Le 25 ceci: "un des signes de la cohérence, c'est la constance. chaque ambiguité, pensée comme une habileté tactique, prépare l'échec stratégique, par illisibilité et manque de crédibilité."

Pardonnez le radotage, mais entretemps on aura pu lire dans la presse ceci: "La social-démocratie est un modèle périmé", "Pourquoi ? Parce qu’il faut un Etat préventif qui change les rapports de force et non pas, comme dans la social-démocratie, un Etat secouriste qui ne remet pas en cause le système." Un malheur n'arrivant jamais seul, ceux qui étaient visés se sont empressés de se saisir de ce nouveau joujou à polémique qu'est devenu le vocable "social-démocratie" pour l'agiter en tous sens. Vocable qu'on aura d'ailleurs qualifié ici de "facilité de langage", il ne s'agit donc pas ici de gloser sur des exégèses terminologiques, mais de pointer le symptôme que ce type de sortie représente.

S'il fallait un exemple d'imprécision, d'inconstance, et de confusion, on l'a. S'il fallait une prise de position dictée par la tactique et la conjoncture, on l'a aussi. Et une cacophonie artificiellement construite (comme je le disais à Julien Dray), itou.

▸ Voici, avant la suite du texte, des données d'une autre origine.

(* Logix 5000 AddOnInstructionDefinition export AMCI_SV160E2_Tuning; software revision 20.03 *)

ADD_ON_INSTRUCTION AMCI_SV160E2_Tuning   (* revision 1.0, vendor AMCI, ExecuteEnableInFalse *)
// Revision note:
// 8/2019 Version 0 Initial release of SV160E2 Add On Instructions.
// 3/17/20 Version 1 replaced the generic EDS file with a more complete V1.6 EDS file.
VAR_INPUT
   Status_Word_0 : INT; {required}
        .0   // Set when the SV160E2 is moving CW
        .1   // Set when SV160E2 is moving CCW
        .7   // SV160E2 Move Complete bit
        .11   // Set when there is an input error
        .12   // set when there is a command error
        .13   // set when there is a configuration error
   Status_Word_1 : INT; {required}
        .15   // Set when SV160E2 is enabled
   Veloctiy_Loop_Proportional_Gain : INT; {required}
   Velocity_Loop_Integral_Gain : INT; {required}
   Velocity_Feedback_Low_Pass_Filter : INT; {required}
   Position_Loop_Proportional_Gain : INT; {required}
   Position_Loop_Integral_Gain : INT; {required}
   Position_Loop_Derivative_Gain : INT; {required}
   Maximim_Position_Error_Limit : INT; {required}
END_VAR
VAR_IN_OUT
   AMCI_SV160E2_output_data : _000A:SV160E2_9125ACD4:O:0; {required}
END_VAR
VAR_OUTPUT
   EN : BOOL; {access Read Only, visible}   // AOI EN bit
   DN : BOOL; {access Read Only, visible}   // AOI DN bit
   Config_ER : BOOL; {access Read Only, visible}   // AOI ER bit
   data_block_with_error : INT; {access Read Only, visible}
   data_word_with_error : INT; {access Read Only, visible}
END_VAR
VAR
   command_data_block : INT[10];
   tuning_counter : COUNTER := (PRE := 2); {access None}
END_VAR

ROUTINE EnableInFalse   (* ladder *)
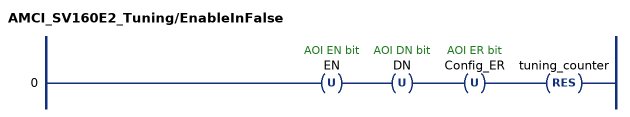
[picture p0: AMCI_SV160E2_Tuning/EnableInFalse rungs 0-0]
   0: OTU(EN)OTU(DN)OTU(Config_ER)RES(tuning_counter);
END_ROUTINE

ROUTINE Logic   (* ladder *)
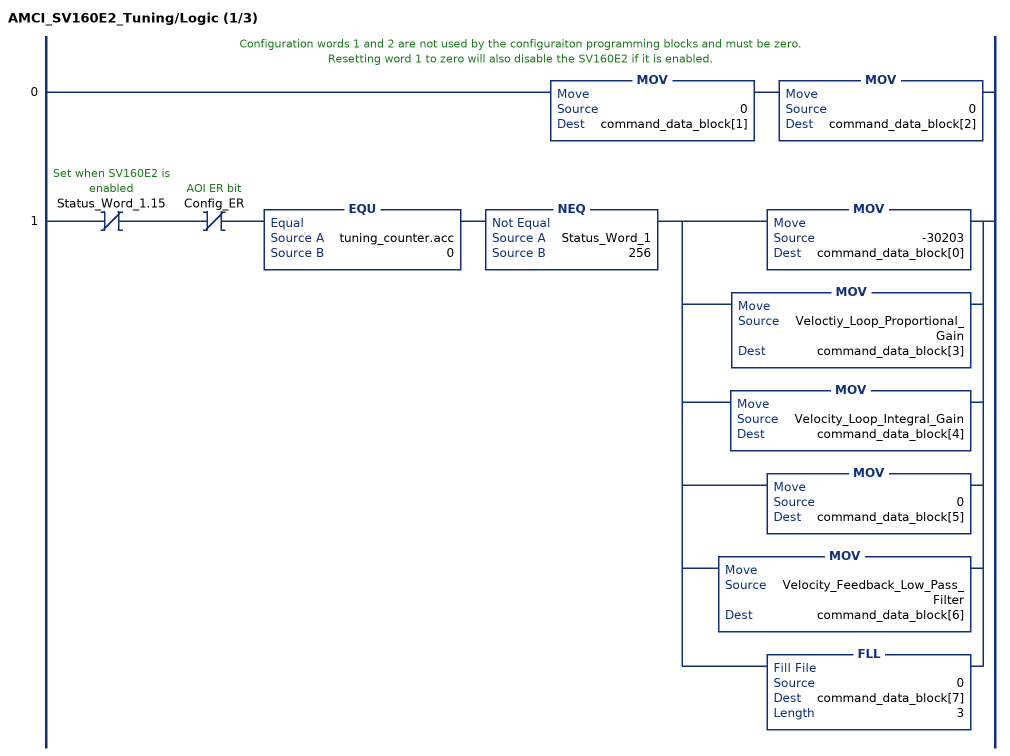
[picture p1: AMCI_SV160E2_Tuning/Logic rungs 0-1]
   // Configuration words 1 and 2 are not used by the configuraiton programming blocks and must be zero.
   // Resetting word 1 to zero will also disable the SV160E2 if it is enabled.
   0: MOV(0,command_data_block[1])MOV(0,command_data_block[2]);
   1: XIO(Status_Word_1.15)XIO(Config_ER)EQU(tuning_counter.acc,0)NEQ(Status_Word_1,256)[MOV(-30203,command_data_block[0]) ,MOV(Veloctiy_Loop_Proportional_Gain,command_data_block[3]) ,MOV(Velocity_Loop_Integral_Gain,command_data_block[4]) ,MOV(0,command_data_block[5]) ,MOV(Velocity_Feedback_Low_Pass_Filter,command_data_block[6]) ,FLL(0,command_data_block[7],3) ];
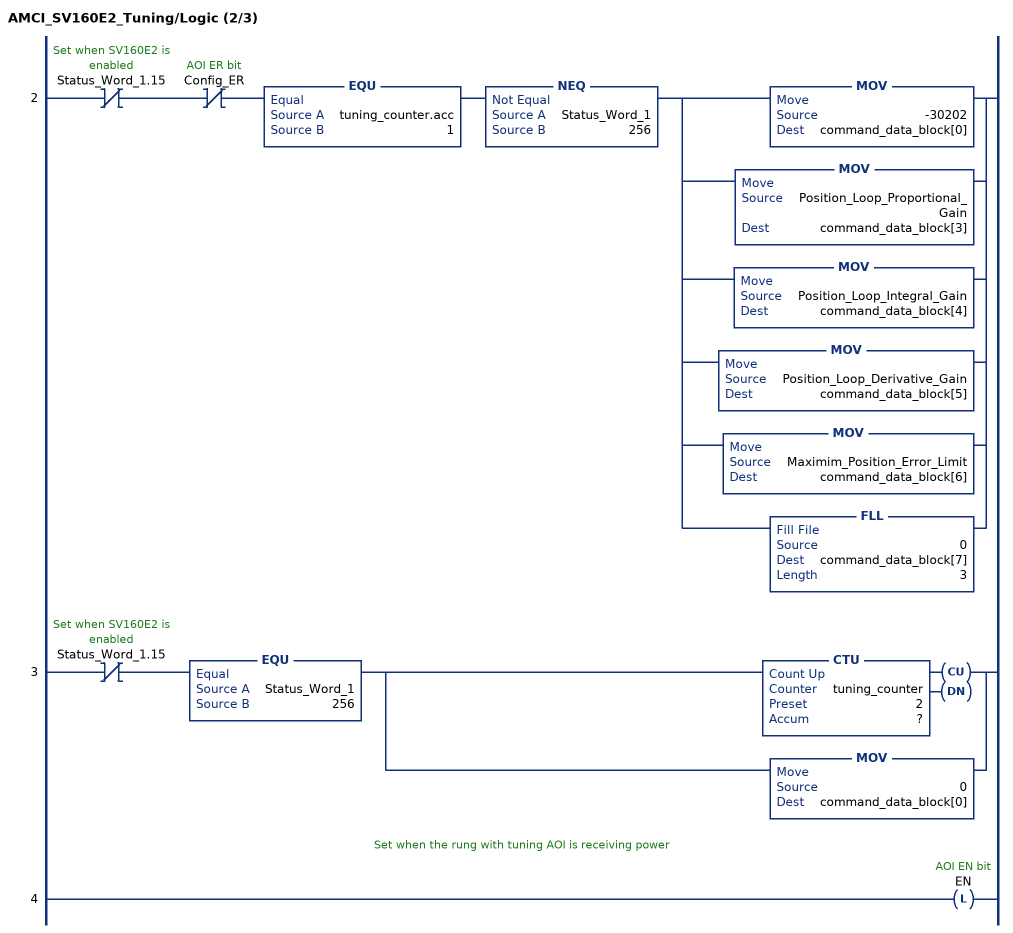
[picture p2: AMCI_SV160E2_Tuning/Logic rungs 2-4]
   2: XIO(Status_Word_1.15)XIO(Config_ER)EQU(tuning_counter.acc,1)NEQ(Status_Word_1,256)[MOV(-30202,command_data_block[0]) ,MOV(Position_Loop_Proportional_Gain,command_data_block[3]) ,MOV(Position_Loop_Integral_Gain,command_data_block[4]) ,MOV(Position_Loop_Derivative_Gain,command_data_block[5]) ,MOV(Maximim_Position_Error_Limit,command_data_block[6]) ,FLL(0,command_data_block[7],3) ];
   3: XIO(Status_Word_1.15)EQU(Status_Word_1,256)[CTU(tuning_counter,?,?) ,MOV(0,command_data_block[0]) ];
   // Set when the rung with tuning AOI is receiving power
   4: OTL(EN);
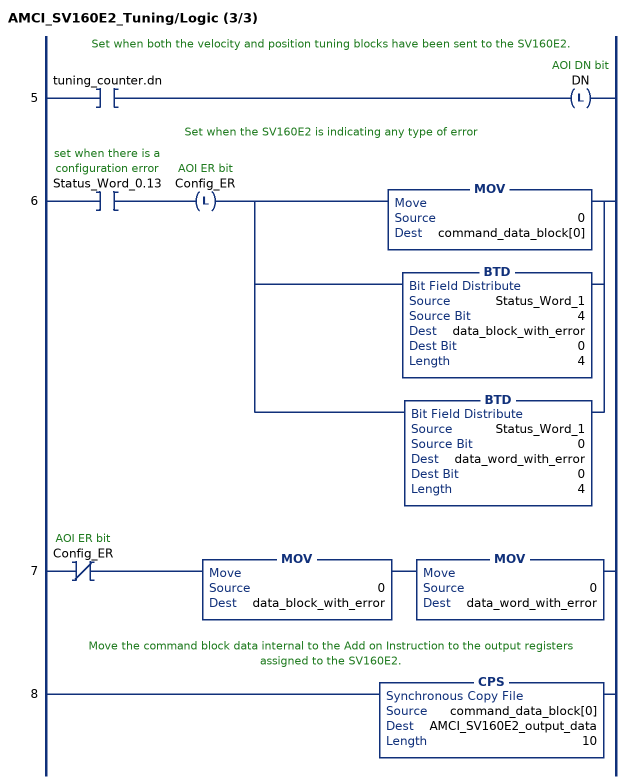
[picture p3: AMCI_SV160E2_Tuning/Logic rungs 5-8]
   // Set when both the velocity and position tuning blocks have been sent to the SV160E2.
   5: XIC(tuning_counter.dn)OTL(DN);
   // Set when the SV160E2 is indicating any type of error
   6: XIC(Status_Word_0.13)OTL(Config_ER)[MOV(0,command_data_block[0]) ,BTD(Status_Word_1,4,data_block_with_error,0,4) ,BTD(Status_Word_1,0,data_word_with_error,0,4) ];
   7: XIO(Config_ER)MOV(0,data_block_with_error)MOV(0,data_word_with_error);
   // Move the command block data internal to the Add on Instruction to the output registers assigned to the SV160E2.
   8: CPS(command_data_block[0],AMCI_SV160E2_output_data,10);
END_ROUTINE
END_ADD_ON_INSTRUCTION

Inconstance parce que celle qui fait ces déclarations a toujours plaidé pour le réformisme, vanté le modèle suédois, et signé la motion de Gérard Collomb. Ceux qui ont participé à la campagne 2007 savent l'épreuve que représentent ces embardées idéologiques, qui vous obligent à rétropédaler plus souvent qu'à avancer, et qui finissent par vous inciter à ne plus vous engager sur rien sous peine d'être contredit le lendemain. Ces méthodes de campagne ne peuvent qu'annoncer l'éventuelle méthode de travail pour le parti: il n'est que de penser à l'inconfort de ceux des signataires de la motion E qui croyaient pouvoir se dire sociaux-démocrates pour se convaincre qu'elle n'est pas souhaitable.

Imprécision et confusion parce que passés les mots fracassants ("périmé"), l'explication qui suit sur l'Etat préventif est beaucoup moins nette. En effet, s'il faut situer la social-démocratie par rapport au socialisme, c'est dans le rôle dévolu à l'Etat que se trouveront les différences. L'action publique y est conçue comme organisatrice plutôt qu'interventionniste, elle y ordonne l'économie plus qu'elle ne l'administre, cherche à réglementer plutôt qu'à s'ingérer. Le fait qu'historiquement la social-démocratie ait aussi construit l'Etat providence pour répondre aux besoins premiers que sont la santé, l'éducation, ou les retraites, ne permet pas de réduire cette vision à un simple secourisme.
Surtout si c'est pour l'opposer à une volonté "préventive qui change les rapport de force", au fait d'"obliger les entreprises qui font des bénéfices à rembourser tous les fonds publics afin de stopper les délocalisations et les licenciements", (sic, il faudrait enfin arriver à dire cela correctement) ou de "faciliter des compromis sociaux entre salariés et employeurs": difficile d'instituer ces propositions en "nouveau modèle" "avec une lucidité radicale". Elles ressemblent en fait furieusement au "modèle périmé", et figurent d'ailleurs aussi dans la motion A. Comme elles figuraient dans le "pacte présidentiel" de... DSK en 2006. L'intitulé a été repris en 2007, et les propositions avec. On remarquera donc en passant que la contribution de DSK a la campagne 2007 fut consistante sur le fond, lui donnant justement sa facture... social-démocrate.
Bref, le problème avec la social-démocratie n'est ni sa soi-disante péremption ni un problème de copyright, c'est surtout son manque de travail pour trouver un vocable neuf.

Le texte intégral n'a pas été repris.